Provide a character-exact reproduction of the lines from the line with "#12476=DIRECTION('',(1.,0.,0.));" to the end of the entries.

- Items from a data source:
= Beginning of Section =

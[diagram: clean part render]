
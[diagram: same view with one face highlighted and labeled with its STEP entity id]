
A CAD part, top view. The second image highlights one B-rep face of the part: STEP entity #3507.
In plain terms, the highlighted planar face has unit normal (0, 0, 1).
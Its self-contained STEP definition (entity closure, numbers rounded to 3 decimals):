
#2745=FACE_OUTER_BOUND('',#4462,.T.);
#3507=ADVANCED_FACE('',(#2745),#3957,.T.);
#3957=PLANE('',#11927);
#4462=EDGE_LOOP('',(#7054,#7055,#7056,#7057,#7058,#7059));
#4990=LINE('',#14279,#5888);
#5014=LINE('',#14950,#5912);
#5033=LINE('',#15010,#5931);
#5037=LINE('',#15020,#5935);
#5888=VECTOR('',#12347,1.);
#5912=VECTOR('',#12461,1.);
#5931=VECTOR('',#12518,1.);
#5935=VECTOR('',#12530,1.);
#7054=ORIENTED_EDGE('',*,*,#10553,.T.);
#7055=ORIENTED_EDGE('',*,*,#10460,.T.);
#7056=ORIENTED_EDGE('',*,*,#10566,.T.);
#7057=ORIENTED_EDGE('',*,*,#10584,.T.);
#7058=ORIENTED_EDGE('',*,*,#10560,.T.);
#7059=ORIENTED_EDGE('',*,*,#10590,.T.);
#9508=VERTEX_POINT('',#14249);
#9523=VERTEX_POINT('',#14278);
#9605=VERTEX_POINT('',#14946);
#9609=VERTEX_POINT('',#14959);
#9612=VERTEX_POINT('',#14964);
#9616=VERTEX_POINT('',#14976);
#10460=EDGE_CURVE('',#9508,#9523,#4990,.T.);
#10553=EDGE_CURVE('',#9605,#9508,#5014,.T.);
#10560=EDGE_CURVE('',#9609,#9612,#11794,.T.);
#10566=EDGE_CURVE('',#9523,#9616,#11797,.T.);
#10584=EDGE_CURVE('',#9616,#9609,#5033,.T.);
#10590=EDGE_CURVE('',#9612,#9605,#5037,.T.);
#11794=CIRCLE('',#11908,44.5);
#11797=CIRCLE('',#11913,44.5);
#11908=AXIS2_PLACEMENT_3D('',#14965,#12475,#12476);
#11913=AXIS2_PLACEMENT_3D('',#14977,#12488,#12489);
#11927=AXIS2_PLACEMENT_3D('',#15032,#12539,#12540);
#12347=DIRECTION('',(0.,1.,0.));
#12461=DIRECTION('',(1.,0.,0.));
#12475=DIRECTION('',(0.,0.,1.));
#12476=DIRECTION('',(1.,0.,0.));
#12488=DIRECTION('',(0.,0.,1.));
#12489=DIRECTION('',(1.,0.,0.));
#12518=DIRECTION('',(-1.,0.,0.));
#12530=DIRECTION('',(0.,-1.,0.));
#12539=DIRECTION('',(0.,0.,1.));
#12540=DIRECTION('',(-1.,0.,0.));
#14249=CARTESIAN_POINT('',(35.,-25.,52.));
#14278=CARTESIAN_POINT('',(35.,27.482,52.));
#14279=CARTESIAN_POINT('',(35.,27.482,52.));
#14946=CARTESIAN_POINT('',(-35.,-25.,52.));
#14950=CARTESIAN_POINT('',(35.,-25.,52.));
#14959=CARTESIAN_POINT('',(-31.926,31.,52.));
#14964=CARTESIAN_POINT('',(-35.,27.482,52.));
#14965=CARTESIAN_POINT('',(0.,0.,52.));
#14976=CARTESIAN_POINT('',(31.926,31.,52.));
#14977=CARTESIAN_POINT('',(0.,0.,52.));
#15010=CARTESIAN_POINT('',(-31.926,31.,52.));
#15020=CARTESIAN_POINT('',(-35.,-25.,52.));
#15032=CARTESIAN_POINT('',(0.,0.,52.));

= End of Section =

- Your solution:
#12476=DIRECTION('',(1.,0.,0.));
#12488=DIRECTION('',(0.,0.,1.));
#12489=DIRECTION('',(1.,0.,0.));
#12518=DIRECTION('',(-1.,0.,0.));
#12530=DIRECTION('',(0.,-1.,0.));
#12539=DIRECTION('',(0.,0.,1.));
#12540=DIRECTION('',(-1.,0.,0.));
#14249=CARTESIAN_POINT('',(35.,-25.,52.));
#14278=CARTESIAN_POINT('',(35.,27.482,52.));
#14279=CARTESIAN_POINT('',(35.,27.482,52.));
#14946=CARTESIAN_POINT('',(-35.,-25.,52.));
#14950=CARTESIAN_POINT('',(35.,-25.,52.));
#14959=CARTESIAN_POINT('',(-31.926,31.,52.));
#14964=CARTESIAN_POINT('',(-35.,27.482,52.));
#14965=CARTESIAN_POINT('',(0.,0.,52.));
#14976=CARTESIAN_POINT('',(31.926,31.,52.));
#14977=CARTESIAN_POINT('',(0.,0.,52.));
#15010=CARTESIAN_POINT('',(-31.926,31.,52.));
#15020=CARTESIAN_POINT('',(-35.,-25.,52.));
#15032=CARTESIAN_POINT('',(0.,0.,52.));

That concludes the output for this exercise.